======== Material for this exercise

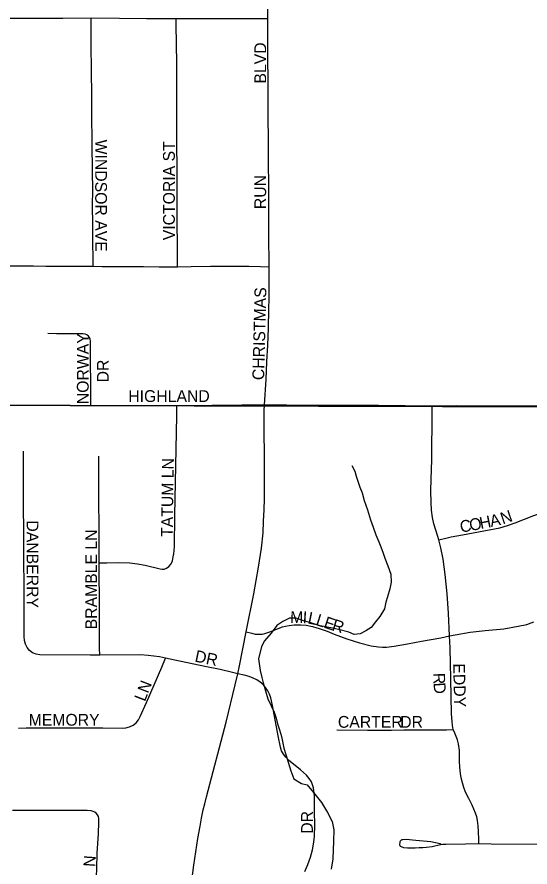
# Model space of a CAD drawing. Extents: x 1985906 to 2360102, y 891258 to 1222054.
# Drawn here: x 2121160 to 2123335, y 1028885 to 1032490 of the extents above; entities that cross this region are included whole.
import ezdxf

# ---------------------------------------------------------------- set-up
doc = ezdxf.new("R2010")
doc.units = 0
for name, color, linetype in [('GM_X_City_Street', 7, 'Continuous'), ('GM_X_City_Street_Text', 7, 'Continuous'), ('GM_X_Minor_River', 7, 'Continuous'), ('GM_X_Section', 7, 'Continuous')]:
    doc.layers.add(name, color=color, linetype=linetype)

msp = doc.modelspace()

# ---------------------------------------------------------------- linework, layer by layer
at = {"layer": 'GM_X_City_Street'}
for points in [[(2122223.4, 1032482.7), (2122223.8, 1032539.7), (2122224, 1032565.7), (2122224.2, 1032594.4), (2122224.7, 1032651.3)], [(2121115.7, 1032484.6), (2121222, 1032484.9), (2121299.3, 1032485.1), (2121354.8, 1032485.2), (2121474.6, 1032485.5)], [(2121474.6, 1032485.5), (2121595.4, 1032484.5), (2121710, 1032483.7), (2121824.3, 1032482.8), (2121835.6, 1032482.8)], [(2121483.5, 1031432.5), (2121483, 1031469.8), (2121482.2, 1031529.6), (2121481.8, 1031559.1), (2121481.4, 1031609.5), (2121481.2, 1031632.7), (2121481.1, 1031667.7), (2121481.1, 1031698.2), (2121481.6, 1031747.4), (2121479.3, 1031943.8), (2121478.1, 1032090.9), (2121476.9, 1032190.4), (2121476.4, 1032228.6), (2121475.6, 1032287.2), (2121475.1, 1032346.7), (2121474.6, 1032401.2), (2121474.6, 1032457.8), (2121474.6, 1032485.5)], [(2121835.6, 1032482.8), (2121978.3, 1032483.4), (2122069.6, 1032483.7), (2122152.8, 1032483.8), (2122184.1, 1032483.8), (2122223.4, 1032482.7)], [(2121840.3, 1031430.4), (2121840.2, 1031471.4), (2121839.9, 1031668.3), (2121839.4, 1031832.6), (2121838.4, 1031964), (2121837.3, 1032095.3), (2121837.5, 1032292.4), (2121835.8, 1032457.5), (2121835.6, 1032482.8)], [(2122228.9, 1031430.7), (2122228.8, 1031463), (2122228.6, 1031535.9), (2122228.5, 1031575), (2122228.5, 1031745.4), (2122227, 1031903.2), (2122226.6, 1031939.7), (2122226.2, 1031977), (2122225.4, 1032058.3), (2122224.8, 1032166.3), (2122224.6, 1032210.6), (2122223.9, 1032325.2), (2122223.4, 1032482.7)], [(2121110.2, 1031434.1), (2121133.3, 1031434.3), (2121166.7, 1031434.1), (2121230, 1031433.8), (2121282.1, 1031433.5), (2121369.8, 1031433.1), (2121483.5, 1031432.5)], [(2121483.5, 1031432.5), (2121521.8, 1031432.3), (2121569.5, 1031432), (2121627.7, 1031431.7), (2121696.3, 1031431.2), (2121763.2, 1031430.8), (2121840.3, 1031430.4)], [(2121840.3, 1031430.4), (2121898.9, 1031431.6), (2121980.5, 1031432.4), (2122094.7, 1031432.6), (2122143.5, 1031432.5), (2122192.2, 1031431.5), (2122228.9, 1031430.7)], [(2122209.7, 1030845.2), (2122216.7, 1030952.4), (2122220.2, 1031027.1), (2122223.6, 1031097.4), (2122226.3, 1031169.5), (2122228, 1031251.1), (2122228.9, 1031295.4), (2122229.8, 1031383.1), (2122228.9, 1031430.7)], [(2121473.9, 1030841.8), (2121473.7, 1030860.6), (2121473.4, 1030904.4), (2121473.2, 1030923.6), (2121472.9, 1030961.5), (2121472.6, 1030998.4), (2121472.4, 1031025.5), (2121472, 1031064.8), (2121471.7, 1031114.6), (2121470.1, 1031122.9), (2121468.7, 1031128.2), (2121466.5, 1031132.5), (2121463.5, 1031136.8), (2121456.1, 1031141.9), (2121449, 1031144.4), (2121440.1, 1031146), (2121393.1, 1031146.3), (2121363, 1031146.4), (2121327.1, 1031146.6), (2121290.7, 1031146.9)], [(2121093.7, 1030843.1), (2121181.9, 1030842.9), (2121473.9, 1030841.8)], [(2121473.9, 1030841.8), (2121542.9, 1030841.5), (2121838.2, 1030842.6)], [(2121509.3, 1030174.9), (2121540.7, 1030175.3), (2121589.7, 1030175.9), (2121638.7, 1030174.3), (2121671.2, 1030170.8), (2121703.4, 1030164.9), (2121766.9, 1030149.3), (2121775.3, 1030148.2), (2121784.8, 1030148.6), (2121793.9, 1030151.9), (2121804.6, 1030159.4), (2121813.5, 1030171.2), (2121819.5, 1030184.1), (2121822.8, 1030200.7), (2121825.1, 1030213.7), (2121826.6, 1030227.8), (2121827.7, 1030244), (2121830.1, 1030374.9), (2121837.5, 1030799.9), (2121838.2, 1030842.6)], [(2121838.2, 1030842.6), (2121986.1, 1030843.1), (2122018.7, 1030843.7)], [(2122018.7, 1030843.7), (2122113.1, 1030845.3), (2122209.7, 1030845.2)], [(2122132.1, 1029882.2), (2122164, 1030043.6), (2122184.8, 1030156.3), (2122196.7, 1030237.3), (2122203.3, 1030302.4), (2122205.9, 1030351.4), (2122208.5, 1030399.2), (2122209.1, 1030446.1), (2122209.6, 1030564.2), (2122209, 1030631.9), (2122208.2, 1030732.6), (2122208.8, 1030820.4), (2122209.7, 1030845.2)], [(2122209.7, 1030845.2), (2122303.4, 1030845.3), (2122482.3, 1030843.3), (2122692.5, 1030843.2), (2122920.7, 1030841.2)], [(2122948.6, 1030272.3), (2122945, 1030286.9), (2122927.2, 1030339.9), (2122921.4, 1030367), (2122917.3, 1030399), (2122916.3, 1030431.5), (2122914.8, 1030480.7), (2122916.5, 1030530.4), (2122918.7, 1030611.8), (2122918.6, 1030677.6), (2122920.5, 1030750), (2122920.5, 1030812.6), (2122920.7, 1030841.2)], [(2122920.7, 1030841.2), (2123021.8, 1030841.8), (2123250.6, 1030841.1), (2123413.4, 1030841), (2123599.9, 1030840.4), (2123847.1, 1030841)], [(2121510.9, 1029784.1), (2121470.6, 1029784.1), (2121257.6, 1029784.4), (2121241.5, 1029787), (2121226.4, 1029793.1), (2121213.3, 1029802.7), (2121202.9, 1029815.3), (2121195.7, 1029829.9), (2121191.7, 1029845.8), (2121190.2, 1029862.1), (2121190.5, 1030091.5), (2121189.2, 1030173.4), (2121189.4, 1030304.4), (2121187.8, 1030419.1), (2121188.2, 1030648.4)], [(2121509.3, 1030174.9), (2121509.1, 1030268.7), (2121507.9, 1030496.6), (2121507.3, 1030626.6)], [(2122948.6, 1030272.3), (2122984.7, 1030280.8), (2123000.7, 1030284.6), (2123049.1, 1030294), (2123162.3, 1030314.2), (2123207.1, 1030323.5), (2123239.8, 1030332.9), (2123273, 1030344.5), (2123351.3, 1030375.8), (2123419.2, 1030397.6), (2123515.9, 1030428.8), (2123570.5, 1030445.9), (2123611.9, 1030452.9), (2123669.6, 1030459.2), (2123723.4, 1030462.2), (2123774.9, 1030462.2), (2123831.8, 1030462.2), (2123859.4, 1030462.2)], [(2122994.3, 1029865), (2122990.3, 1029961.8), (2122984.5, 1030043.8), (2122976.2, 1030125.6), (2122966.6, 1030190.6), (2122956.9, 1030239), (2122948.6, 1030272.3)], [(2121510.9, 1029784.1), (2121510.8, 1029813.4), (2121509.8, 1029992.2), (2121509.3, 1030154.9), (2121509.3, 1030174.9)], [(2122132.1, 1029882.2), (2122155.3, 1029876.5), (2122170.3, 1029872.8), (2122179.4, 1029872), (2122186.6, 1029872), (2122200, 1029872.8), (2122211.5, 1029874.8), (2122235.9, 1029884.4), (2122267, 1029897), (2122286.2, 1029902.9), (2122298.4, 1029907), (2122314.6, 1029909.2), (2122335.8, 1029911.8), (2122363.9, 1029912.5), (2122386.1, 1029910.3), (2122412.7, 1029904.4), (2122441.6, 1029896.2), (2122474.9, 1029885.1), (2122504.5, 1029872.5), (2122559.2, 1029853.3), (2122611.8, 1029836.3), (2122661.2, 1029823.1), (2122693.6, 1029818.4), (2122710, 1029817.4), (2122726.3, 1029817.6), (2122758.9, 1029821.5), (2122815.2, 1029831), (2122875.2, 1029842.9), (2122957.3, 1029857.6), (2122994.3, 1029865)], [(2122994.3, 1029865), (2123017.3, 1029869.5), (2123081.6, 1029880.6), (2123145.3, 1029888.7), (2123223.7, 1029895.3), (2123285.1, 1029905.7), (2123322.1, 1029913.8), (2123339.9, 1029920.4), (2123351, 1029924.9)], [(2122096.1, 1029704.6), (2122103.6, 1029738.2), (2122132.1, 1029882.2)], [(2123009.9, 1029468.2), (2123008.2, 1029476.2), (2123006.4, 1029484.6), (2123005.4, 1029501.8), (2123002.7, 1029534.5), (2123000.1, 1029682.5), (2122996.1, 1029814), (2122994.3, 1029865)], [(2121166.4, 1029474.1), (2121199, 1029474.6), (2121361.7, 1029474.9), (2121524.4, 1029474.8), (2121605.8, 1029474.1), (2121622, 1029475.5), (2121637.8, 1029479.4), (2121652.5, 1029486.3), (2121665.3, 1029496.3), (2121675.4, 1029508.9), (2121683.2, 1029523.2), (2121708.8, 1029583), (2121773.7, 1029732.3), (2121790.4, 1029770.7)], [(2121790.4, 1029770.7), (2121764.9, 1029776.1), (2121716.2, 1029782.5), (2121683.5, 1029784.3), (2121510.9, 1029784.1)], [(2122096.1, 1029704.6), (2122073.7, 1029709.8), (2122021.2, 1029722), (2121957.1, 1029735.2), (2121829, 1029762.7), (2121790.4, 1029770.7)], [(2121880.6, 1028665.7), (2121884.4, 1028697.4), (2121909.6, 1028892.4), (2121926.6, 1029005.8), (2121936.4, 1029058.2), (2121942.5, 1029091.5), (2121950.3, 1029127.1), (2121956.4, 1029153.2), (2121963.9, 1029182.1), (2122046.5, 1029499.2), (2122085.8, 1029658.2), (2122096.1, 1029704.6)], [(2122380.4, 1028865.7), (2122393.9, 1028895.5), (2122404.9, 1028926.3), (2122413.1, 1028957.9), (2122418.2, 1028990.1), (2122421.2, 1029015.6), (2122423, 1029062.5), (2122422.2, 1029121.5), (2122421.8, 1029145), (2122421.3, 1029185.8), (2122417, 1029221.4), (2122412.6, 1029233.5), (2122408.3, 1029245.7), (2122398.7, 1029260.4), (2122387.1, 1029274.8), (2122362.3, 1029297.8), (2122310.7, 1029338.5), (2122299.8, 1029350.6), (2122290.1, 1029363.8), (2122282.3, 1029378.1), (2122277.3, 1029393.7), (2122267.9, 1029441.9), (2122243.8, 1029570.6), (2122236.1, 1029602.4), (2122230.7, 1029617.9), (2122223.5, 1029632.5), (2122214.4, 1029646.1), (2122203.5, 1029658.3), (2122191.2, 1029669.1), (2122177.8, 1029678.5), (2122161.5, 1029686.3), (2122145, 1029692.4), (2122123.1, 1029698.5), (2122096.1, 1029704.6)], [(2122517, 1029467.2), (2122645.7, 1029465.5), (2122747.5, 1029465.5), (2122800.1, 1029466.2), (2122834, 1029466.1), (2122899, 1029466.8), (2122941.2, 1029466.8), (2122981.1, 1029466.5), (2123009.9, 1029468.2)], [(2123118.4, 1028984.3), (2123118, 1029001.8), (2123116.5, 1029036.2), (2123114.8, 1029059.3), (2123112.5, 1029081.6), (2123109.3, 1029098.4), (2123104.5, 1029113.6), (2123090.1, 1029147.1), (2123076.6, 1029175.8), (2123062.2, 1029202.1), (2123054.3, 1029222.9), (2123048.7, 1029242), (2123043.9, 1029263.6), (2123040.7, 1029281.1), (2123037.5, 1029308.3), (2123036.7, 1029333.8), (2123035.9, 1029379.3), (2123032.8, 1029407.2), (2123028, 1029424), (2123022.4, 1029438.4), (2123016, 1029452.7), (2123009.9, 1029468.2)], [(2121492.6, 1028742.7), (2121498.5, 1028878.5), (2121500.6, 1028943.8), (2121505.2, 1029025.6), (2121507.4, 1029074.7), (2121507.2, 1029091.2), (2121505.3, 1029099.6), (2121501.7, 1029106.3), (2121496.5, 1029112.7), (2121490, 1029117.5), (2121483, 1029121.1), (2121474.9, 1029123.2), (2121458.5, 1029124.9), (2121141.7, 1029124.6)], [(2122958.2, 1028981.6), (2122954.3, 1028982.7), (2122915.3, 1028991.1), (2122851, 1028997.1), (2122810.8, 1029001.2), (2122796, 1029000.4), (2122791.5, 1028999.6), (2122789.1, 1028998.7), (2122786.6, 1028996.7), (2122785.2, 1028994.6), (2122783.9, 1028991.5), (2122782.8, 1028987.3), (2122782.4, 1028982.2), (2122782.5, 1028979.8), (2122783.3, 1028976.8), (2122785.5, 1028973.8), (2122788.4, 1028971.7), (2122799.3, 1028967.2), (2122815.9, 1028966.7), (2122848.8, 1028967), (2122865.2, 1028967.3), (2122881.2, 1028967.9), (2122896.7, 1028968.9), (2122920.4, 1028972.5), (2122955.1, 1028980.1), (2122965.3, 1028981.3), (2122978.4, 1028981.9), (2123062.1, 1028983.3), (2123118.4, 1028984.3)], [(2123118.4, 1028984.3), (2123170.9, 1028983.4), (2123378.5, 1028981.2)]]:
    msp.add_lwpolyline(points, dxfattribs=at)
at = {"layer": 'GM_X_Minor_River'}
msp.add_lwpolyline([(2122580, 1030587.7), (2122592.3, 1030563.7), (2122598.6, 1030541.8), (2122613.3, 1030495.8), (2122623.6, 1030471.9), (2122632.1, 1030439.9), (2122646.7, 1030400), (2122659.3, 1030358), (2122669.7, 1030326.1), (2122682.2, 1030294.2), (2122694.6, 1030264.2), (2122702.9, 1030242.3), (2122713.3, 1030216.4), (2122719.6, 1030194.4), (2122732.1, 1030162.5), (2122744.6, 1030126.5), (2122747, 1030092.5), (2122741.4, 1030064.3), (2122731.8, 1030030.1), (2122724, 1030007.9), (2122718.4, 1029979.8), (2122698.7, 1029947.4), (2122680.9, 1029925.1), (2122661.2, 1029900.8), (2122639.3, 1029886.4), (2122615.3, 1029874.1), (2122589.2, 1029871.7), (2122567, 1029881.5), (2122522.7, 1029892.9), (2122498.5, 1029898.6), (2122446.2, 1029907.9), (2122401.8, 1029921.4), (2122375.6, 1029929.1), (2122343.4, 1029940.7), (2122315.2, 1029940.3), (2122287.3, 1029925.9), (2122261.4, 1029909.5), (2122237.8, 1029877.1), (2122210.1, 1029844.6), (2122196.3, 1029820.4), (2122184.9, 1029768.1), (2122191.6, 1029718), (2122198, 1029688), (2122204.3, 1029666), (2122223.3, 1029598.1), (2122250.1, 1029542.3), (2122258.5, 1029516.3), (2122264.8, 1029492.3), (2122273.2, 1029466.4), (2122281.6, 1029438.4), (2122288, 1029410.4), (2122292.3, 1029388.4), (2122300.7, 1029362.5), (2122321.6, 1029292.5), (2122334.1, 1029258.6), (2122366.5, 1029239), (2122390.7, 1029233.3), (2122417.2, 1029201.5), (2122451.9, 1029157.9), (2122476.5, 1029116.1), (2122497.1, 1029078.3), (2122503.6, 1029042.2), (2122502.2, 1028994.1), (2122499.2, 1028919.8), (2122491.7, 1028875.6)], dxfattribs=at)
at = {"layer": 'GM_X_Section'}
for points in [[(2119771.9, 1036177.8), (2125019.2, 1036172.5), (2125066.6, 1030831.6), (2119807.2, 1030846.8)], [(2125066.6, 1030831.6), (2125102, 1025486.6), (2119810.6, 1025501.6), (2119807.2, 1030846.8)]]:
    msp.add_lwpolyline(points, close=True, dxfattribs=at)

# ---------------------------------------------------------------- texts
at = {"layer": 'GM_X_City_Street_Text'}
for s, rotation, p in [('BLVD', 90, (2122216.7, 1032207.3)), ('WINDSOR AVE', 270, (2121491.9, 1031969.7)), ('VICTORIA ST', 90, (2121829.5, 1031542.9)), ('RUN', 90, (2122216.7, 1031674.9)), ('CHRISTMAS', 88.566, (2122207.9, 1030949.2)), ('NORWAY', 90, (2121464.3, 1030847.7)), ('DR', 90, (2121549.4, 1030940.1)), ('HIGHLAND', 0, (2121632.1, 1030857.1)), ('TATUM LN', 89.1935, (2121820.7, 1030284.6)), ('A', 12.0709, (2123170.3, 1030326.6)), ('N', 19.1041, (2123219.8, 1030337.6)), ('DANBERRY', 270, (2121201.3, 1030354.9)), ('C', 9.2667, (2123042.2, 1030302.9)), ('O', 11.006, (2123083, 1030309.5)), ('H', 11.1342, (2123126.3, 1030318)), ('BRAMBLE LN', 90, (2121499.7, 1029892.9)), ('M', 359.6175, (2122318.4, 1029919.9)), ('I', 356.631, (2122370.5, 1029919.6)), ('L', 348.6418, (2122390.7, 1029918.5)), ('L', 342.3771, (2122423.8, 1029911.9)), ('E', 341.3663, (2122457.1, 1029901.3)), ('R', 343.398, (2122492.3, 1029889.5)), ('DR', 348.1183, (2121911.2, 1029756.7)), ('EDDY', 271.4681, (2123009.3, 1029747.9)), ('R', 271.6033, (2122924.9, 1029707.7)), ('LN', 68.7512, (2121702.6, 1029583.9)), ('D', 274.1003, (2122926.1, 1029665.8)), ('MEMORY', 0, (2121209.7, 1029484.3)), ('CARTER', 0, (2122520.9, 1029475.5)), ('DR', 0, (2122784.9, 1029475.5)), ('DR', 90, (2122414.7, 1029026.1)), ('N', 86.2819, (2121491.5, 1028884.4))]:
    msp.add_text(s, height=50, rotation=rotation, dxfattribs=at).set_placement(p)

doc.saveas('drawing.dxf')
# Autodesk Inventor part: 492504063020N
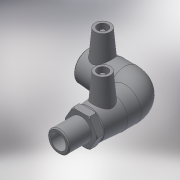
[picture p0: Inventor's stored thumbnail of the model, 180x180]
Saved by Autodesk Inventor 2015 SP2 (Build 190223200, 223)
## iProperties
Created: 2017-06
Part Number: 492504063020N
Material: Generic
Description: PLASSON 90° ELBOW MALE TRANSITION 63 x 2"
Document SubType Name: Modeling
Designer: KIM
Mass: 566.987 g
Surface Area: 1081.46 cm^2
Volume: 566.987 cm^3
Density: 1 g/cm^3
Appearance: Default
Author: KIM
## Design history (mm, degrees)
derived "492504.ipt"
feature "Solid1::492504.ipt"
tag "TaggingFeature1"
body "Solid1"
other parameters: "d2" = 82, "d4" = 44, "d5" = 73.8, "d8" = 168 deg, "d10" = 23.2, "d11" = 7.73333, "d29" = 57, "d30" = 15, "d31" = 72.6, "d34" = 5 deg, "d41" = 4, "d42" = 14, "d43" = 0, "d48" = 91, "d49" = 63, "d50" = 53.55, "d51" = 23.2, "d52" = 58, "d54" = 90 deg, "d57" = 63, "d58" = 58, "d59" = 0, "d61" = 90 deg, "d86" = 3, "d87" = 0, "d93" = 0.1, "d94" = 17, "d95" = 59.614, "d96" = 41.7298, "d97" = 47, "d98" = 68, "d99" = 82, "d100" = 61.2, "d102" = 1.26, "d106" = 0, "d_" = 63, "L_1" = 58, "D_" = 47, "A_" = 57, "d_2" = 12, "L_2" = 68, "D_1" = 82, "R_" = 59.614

================

- To do -
Copy out, from the material above, each line in which the string "Inventor" is found.

- Answer box -
# Autodesk Inventor part: 492504063020N
[picture p0: Inventor's stored thumbnail of the model, 180x180]
Saved by Autodesk Inventor 2015 SP2 (Build 190223200, 223)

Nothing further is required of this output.